» **Input for this task**
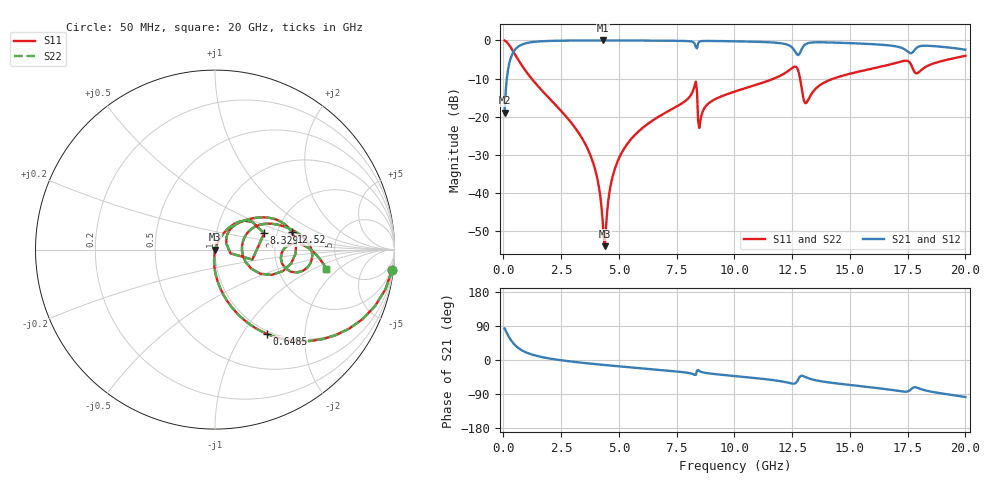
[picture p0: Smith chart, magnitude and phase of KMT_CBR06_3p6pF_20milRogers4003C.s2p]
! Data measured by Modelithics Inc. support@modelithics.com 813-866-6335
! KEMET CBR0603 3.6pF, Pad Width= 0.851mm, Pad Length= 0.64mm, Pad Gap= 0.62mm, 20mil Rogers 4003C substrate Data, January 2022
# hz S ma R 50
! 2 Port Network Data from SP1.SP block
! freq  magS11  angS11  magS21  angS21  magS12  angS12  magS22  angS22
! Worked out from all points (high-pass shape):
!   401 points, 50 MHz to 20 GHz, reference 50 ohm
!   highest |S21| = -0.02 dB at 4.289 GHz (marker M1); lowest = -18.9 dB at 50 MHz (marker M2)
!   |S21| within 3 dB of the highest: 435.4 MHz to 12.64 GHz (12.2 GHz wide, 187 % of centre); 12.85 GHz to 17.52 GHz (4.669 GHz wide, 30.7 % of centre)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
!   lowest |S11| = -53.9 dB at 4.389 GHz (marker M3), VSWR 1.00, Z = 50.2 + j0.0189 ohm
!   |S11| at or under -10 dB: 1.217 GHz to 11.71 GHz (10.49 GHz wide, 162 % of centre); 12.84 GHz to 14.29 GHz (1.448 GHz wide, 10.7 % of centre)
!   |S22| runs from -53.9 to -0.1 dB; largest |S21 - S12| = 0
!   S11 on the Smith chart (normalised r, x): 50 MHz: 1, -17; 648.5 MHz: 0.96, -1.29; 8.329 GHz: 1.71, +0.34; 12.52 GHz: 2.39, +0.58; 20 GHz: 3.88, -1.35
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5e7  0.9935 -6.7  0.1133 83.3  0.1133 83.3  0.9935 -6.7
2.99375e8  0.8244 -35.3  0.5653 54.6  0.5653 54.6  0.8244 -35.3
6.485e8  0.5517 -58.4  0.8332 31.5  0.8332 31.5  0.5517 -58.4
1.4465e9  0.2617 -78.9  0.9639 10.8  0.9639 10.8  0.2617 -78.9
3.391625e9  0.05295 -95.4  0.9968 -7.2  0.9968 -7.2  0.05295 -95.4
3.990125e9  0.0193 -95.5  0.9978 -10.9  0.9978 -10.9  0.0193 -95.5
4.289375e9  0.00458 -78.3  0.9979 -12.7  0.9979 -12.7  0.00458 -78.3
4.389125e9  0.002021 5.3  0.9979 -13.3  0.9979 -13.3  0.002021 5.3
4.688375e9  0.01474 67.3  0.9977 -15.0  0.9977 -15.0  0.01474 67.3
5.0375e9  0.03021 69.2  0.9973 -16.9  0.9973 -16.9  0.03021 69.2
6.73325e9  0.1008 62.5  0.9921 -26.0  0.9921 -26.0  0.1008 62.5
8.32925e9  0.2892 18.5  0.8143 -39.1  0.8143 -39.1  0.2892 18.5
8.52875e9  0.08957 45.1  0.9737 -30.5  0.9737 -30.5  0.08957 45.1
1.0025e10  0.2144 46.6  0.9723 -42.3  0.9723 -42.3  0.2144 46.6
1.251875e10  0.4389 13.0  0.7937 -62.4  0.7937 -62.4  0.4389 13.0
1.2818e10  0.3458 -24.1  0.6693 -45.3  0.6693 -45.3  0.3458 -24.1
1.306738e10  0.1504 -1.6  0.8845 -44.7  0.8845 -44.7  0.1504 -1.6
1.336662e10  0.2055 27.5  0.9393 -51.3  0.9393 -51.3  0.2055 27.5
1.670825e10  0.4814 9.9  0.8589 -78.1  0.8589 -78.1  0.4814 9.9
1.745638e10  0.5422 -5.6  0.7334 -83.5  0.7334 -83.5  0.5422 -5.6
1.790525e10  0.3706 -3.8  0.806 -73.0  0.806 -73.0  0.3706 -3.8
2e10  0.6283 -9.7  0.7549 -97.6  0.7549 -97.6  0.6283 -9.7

» **Task objective**
The answer should consist of every line above in which "lowest" appears.

» **Answer for the task**
!   highest |S21| = -0.02 dB at 4.289 GHz (marker M1); lowest = -18.9 dB at 50 MHz (marker M2)
!   lowest |S11| = -53.9 dB at 4.389 GHz (marker M3), VSWR 1.00, Z = 50.2 + j0.0189 ohm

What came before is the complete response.